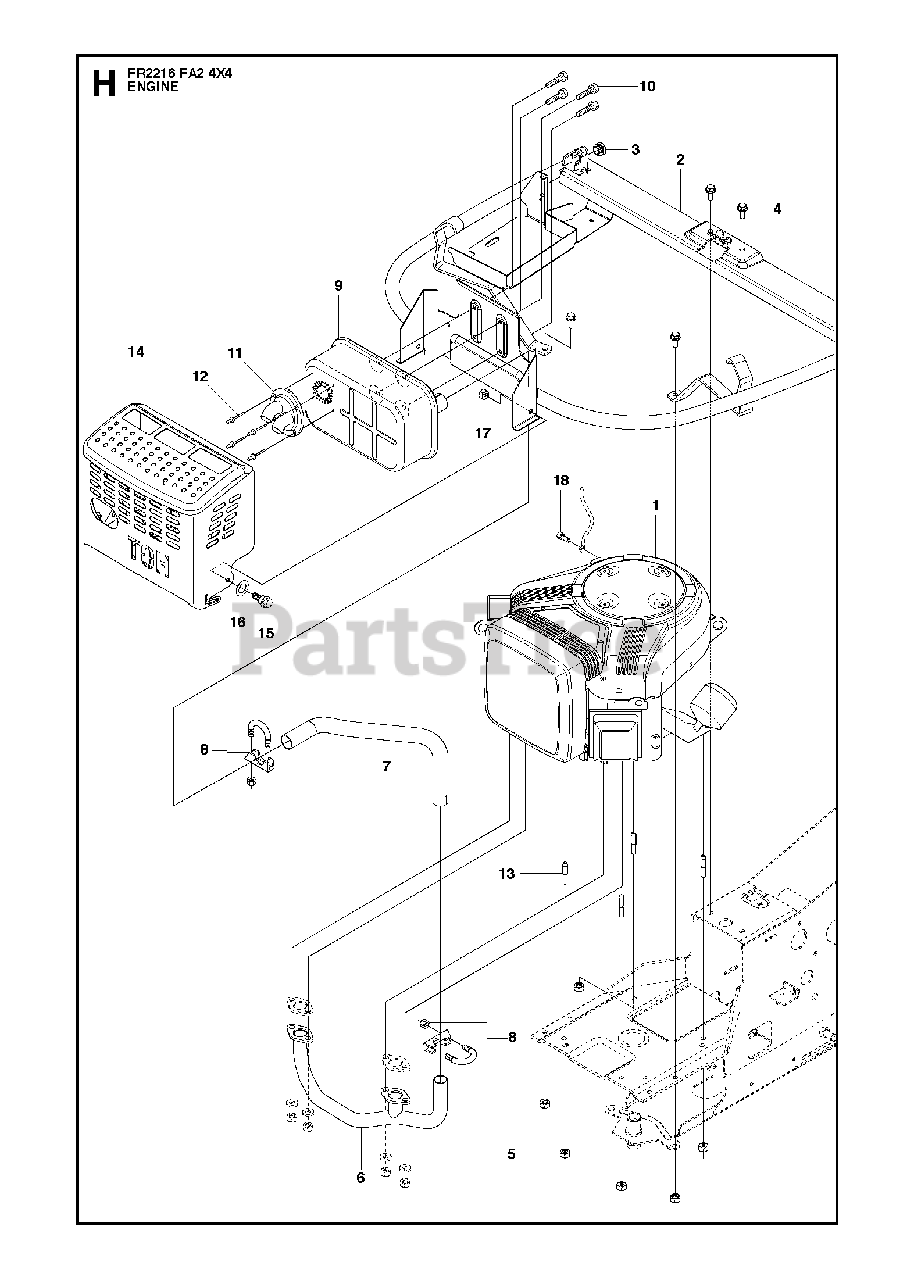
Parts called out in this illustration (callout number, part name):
5	LOCKNUT M8
9	MUFFLER
13	STUD SCREW
16	SPRINGWASHER
17	LOCKNUT M8
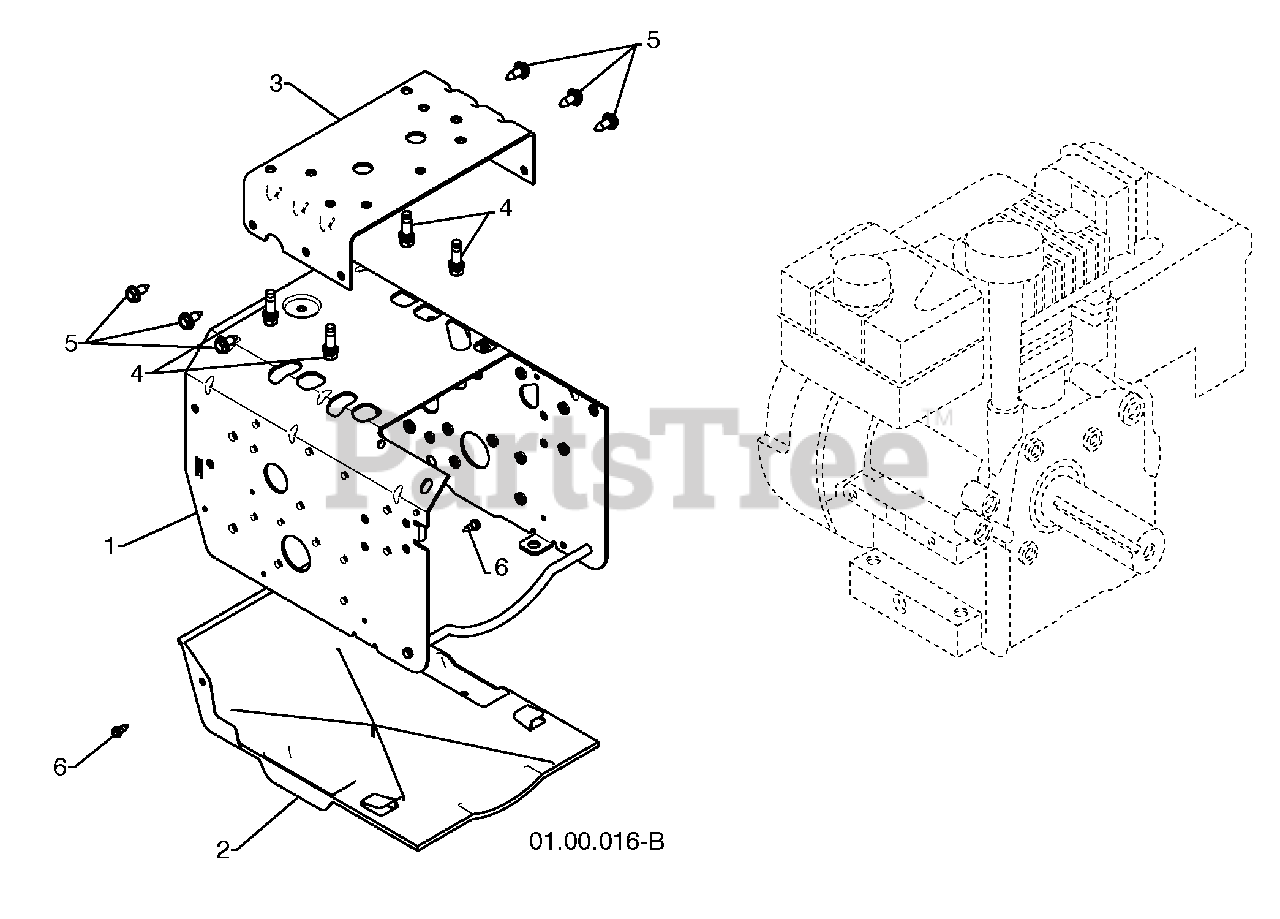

WHAT IS EXPECTED: Transcribe all of the lines above exactly as given. The pictures stay out.

YOUR RESPONSE:
Parts called out in this illustration (callout number, part name):
5	LOCKNUT M8
9	MUFFLER
13	STUD SCREW
16	SPRINGWASHER
17	LOCKNUT M8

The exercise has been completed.